[Source records]
↓

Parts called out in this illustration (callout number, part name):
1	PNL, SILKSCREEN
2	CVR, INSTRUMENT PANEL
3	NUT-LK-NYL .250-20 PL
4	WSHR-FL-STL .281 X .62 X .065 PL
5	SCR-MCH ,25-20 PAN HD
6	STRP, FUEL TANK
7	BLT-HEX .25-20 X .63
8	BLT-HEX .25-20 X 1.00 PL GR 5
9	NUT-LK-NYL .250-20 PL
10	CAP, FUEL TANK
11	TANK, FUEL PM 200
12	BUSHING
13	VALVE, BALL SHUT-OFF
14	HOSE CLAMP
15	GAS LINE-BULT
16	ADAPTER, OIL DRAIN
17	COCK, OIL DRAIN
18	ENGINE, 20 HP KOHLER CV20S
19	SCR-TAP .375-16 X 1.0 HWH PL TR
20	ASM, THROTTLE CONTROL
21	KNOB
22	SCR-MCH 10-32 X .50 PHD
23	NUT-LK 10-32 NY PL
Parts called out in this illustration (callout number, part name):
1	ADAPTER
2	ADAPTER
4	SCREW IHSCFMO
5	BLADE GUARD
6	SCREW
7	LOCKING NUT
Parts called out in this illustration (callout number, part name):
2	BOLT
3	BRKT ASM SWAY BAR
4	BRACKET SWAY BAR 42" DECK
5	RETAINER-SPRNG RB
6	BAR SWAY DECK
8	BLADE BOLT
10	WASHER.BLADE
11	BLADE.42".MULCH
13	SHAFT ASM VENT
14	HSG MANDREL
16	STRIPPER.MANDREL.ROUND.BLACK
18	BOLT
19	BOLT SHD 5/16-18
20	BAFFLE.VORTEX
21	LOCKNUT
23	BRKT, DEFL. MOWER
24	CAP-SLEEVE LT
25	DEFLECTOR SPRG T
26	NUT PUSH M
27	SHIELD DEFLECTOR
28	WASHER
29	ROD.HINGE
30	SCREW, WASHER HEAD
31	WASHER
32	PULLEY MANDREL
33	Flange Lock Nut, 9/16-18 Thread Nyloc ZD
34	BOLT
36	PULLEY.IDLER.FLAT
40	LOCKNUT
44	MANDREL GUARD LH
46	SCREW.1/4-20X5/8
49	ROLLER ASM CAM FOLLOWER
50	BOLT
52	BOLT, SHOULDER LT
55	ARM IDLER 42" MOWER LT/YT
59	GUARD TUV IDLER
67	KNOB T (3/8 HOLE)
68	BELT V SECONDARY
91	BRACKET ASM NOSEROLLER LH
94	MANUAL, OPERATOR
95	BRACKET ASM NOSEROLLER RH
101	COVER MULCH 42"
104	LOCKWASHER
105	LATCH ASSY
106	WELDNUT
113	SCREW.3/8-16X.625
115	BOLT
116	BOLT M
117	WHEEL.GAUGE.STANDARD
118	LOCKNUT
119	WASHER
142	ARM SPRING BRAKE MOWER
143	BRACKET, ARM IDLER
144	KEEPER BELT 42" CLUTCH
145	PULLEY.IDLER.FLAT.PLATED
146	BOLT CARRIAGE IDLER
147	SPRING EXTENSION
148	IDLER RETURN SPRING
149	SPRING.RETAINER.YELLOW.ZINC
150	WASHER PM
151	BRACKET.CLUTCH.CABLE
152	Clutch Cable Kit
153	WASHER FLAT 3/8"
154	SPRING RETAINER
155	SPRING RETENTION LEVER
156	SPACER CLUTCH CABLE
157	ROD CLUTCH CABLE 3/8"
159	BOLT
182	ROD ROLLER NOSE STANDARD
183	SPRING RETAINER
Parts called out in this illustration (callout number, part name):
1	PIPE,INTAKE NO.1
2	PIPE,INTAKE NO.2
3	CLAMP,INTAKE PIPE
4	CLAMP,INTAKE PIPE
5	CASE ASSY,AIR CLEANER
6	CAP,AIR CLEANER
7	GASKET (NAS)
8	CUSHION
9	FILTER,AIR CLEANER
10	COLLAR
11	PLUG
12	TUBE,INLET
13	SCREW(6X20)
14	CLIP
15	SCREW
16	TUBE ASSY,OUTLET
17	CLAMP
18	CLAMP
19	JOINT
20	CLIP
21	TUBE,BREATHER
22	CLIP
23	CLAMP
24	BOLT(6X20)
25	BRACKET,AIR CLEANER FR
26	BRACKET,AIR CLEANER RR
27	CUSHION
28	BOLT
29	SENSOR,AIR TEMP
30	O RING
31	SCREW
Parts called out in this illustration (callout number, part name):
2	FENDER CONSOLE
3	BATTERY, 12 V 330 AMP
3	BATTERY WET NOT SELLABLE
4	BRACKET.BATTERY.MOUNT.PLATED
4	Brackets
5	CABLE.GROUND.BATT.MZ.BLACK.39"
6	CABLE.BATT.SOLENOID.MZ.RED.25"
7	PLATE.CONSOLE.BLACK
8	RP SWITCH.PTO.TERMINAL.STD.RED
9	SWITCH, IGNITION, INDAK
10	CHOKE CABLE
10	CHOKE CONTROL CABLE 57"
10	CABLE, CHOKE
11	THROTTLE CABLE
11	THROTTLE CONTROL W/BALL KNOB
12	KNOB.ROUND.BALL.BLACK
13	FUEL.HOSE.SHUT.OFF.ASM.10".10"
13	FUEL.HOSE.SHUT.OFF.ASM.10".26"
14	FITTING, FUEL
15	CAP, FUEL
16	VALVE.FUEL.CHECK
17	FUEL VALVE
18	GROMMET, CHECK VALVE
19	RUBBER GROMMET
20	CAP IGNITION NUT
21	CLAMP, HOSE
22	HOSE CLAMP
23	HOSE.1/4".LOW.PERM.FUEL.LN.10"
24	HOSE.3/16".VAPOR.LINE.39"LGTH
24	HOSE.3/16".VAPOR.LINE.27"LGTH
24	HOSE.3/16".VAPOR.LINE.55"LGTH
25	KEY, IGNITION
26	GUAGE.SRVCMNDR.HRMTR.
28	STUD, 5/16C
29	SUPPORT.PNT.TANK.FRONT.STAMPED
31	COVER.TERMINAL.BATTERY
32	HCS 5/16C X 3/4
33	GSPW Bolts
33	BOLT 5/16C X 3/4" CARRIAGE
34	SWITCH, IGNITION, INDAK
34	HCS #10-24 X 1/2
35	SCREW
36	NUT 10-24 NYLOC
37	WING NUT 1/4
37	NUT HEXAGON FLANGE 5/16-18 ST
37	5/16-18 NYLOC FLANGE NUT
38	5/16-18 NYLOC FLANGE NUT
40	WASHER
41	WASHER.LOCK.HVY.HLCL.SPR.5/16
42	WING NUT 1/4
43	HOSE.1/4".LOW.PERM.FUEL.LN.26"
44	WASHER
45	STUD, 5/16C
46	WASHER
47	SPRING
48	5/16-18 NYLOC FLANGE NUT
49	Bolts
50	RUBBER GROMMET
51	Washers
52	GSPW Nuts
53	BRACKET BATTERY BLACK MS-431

↑

## YOUR TASK:
Bring together every line in the entries that holds the string "BATTERY".

## RESPONSE TO THE TASK:
3	BATTERY, 12 V 330 AMP
3	BATTERY WET NOT SELLABLE
4	BRACKET.BATTERY.MOUNT.PLATED
31	COVER.TERMINAL.BATTERY
53	BRACKET BATTERY BLACK MS-431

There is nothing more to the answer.